Records from a dataset:
· · · · · · ·
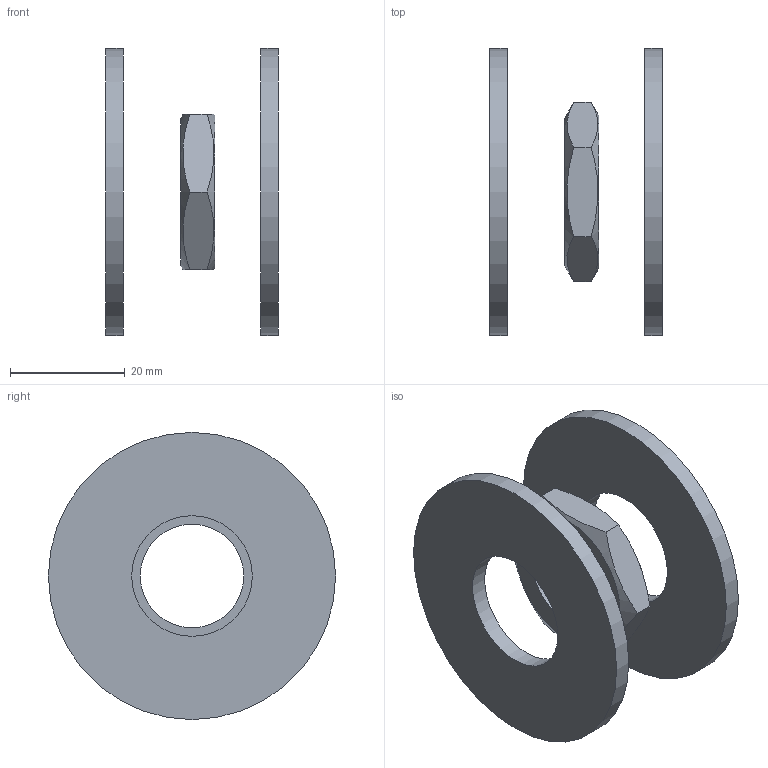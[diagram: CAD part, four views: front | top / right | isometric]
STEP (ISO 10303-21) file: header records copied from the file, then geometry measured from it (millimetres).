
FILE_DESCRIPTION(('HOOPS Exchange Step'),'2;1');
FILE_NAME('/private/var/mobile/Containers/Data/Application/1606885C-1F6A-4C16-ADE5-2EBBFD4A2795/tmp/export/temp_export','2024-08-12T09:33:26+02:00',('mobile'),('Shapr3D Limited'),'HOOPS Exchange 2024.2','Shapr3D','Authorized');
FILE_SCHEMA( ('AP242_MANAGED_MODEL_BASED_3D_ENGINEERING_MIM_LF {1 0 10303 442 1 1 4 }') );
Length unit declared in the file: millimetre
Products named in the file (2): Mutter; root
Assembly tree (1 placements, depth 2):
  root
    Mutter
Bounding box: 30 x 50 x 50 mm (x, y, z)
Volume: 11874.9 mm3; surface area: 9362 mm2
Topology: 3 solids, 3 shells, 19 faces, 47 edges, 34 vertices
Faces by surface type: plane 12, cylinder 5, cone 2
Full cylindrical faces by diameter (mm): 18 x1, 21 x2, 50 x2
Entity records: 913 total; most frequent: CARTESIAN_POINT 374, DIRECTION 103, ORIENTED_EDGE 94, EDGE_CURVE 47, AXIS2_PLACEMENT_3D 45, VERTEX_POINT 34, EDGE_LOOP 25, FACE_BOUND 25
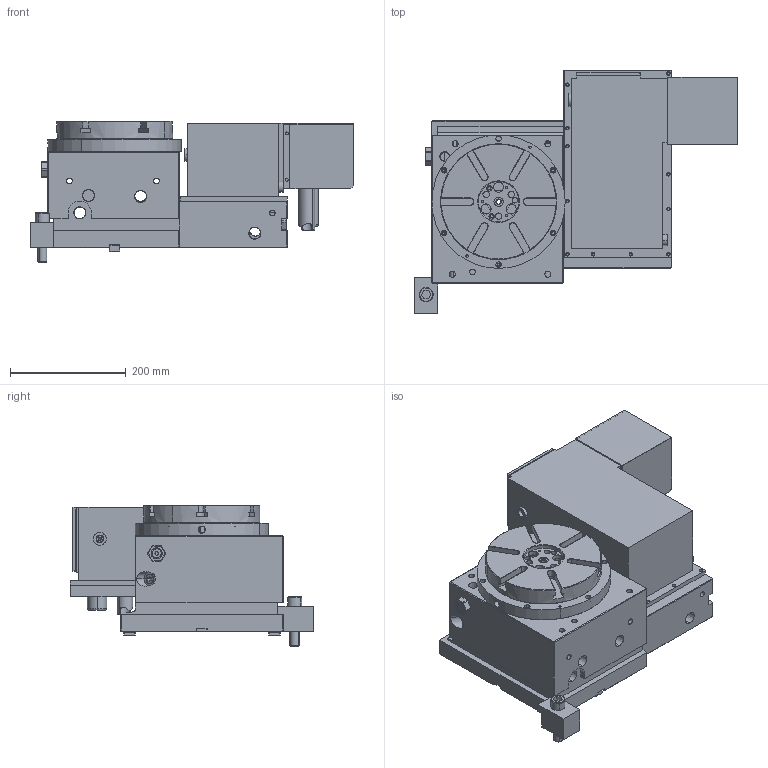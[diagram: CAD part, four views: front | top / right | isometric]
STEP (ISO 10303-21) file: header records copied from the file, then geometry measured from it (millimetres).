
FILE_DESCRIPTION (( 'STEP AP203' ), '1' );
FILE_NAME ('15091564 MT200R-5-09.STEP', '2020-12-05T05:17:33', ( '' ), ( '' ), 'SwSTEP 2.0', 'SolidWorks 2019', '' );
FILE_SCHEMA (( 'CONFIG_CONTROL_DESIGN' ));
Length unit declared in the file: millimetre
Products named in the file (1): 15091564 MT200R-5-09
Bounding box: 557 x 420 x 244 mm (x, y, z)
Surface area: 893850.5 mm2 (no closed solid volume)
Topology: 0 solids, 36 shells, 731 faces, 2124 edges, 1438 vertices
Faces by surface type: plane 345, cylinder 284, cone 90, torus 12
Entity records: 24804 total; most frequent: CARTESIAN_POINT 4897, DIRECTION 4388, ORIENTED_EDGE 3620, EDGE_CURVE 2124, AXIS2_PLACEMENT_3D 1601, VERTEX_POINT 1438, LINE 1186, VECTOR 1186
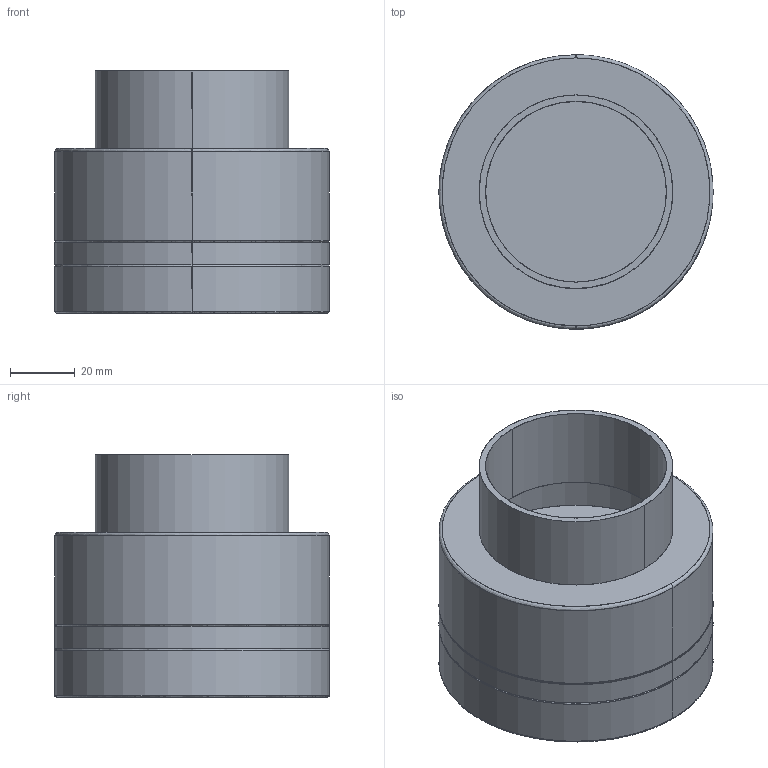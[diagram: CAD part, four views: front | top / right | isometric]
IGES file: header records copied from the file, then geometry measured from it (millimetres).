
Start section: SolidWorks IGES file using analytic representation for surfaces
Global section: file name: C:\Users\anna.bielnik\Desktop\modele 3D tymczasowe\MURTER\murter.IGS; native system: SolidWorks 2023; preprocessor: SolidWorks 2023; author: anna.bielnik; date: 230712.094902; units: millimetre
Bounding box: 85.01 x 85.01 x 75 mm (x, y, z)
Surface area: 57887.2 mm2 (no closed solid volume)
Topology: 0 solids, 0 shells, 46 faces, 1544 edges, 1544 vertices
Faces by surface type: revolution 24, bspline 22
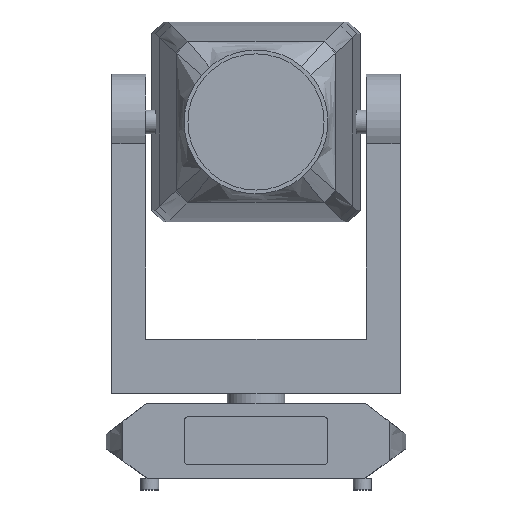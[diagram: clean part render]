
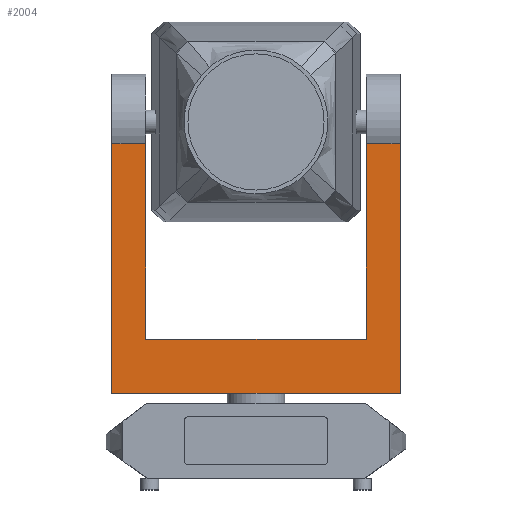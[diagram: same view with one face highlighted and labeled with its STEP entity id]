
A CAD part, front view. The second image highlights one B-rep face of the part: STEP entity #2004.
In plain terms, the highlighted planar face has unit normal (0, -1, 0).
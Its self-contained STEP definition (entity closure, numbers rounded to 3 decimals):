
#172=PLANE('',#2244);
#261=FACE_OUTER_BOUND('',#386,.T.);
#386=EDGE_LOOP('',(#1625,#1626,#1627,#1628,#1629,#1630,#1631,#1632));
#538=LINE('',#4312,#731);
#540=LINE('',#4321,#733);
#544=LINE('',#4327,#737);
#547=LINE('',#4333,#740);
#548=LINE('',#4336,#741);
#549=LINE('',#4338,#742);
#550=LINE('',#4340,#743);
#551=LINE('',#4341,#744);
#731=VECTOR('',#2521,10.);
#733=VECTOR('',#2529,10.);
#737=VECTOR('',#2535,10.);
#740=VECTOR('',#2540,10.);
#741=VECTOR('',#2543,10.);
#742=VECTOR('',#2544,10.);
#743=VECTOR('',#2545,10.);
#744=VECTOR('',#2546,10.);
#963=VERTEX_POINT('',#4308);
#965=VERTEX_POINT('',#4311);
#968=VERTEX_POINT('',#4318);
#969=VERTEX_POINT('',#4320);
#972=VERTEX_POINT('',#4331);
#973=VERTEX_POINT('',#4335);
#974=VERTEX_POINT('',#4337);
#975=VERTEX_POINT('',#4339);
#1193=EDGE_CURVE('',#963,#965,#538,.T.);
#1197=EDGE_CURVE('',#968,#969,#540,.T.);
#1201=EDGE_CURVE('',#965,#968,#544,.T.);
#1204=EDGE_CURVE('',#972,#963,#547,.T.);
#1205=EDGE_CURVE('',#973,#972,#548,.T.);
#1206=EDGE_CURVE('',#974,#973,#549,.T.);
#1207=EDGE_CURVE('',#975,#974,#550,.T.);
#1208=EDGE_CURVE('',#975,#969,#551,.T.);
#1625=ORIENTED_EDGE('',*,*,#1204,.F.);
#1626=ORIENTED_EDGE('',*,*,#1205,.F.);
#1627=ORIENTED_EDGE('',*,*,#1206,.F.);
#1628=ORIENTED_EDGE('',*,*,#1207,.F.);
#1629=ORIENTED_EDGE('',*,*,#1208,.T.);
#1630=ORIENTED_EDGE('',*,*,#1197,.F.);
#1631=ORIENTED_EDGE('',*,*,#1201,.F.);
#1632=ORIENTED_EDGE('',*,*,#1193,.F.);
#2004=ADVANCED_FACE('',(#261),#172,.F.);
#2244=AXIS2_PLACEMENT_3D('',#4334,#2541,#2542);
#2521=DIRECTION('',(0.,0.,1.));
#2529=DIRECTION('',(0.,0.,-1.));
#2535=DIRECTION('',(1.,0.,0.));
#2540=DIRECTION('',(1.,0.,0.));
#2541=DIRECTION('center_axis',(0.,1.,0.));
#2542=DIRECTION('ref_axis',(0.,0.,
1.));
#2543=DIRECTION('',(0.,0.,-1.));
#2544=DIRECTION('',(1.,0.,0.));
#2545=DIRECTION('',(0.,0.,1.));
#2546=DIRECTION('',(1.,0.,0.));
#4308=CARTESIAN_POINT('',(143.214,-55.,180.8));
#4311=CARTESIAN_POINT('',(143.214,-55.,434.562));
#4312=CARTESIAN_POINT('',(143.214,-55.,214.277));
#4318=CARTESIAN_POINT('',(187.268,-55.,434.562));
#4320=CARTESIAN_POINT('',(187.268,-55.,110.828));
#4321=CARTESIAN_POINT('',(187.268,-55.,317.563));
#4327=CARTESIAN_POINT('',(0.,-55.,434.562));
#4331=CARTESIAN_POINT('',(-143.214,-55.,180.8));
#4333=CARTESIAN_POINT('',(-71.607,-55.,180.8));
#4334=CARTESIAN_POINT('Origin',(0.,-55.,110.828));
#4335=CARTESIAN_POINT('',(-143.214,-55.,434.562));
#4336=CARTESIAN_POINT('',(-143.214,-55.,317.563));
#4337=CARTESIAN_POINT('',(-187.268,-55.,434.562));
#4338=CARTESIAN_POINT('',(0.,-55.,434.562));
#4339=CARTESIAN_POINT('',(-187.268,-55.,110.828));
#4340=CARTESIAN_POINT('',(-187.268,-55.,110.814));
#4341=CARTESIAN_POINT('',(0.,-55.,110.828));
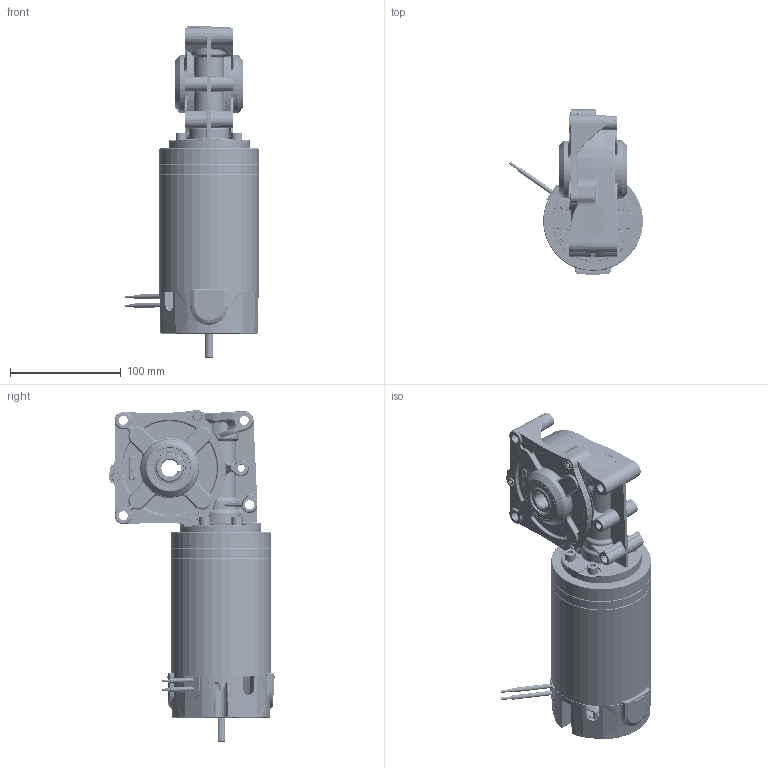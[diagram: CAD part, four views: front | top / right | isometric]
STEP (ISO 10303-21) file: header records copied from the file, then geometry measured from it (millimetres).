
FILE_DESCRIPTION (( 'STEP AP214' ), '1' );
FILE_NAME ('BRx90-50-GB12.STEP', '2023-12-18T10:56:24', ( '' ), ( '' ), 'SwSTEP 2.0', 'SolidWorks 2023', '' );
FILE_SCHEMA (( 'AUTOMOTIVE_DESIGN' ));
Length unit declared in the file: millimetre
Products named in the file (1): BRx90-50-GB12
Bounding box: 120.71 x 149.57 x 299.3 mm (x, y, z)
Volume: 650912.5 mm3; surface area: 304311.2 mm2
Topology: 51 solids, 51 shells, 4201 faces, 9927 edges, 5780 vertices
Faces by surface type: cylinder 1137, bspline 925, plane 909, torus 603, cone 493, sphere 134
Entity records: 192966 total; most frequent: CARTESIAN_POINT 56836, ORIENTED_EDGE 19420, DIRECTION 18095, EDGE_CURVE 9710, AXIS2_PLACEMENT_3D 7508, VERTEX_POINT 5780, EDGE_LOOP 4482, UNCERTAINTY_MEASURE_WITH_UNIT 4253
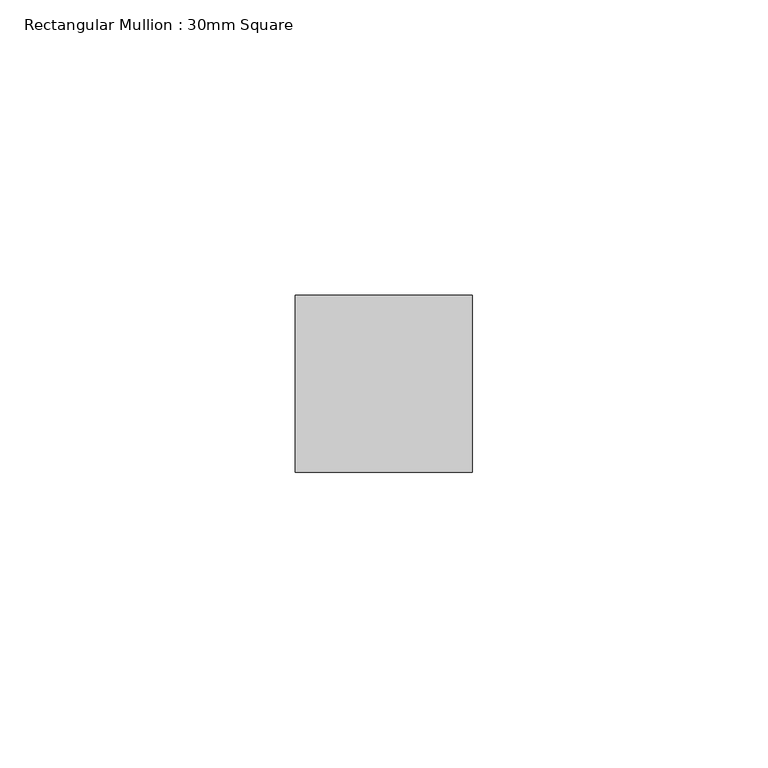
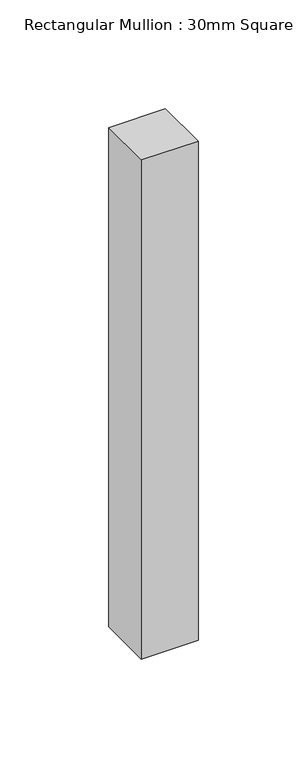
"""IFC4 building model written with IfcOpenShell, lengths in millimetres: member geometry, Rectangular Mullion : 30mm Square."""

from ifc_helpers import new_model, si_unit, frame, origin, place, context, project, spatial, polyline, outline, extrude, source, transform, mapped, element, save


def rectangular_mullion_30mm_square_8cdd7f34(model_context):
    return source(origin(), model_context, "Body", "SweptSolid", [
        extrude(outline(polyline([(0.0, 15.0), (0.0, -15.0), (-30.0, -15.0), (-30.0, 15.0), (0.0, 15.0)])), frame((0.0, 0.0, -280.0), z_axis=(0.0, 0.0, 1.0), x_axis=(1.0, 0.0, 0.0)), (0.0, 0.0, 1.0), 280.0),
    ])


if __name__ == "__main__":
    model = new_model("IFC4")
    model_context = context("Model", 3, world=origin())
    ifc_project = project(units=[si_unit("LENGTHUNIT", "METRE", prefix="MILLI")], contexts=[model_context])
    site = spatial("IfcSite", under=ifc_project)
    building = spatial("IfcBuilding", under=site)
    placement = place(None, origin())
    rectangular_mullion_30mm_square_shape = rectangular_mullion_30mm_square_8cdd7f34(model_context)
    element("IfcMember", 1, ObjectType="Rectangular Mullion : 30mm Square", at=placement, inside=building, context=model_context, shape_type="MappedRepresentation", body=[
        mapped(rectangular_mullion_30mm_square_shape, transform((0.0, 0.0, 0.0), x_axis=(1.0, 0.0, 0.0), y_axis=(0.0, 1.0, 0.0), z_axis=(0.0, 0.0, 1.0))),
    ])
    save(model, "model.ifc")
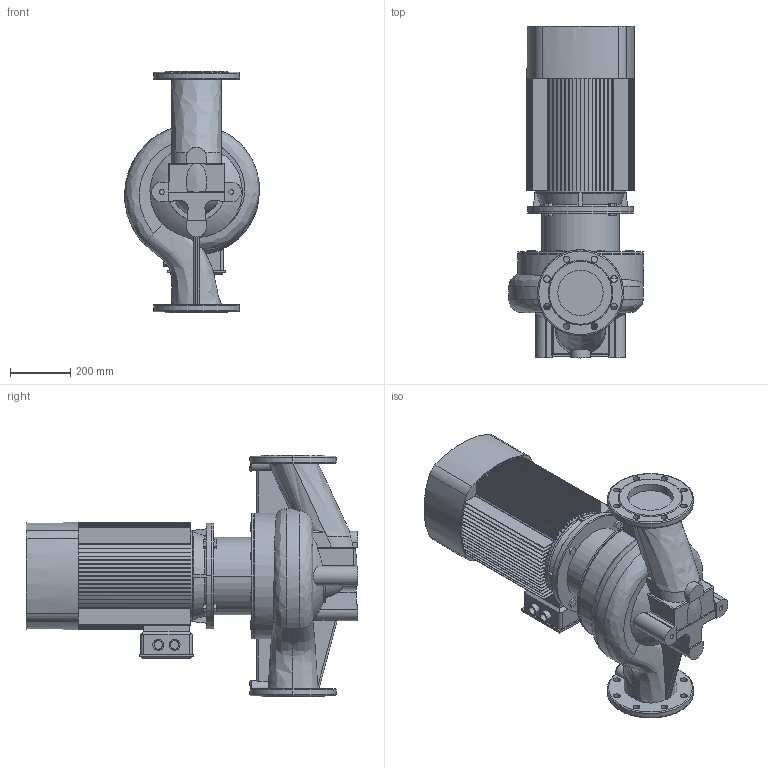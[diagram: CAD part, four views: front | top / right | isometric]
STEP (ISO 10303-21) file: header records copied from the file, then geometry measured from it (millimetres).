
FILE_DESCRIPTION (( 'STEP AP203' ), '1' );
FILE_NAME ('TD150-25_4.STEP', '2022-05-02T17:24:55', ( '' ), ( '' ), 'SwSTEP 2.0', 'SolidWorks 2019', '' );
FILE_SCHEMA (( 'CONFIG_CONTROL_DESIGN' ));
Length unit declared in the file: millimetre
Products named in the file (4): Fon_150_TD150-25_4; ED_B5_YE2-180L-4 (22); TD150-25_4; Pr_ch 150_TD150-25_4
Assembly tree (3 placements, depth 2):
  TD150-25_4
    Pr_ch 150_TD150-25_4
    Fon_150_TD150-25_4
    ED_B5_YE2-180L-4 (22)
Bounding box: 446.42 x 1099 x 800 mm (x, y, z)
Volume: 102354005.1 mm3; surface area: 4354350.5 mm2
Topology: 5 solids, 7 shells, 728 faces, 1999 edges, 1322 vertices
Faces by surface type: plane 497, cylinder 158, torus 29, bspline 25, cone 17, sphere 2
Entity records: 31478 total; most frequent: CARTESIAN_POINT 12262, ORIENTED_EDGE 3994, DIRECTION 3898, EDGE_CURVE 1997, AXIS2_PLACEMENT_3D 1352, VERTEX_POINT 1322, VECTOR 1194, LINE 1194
· · · · · · ·
To do: Your answer must be a single number: the count of lines in these records that contain "IGES".

Exercise output: 2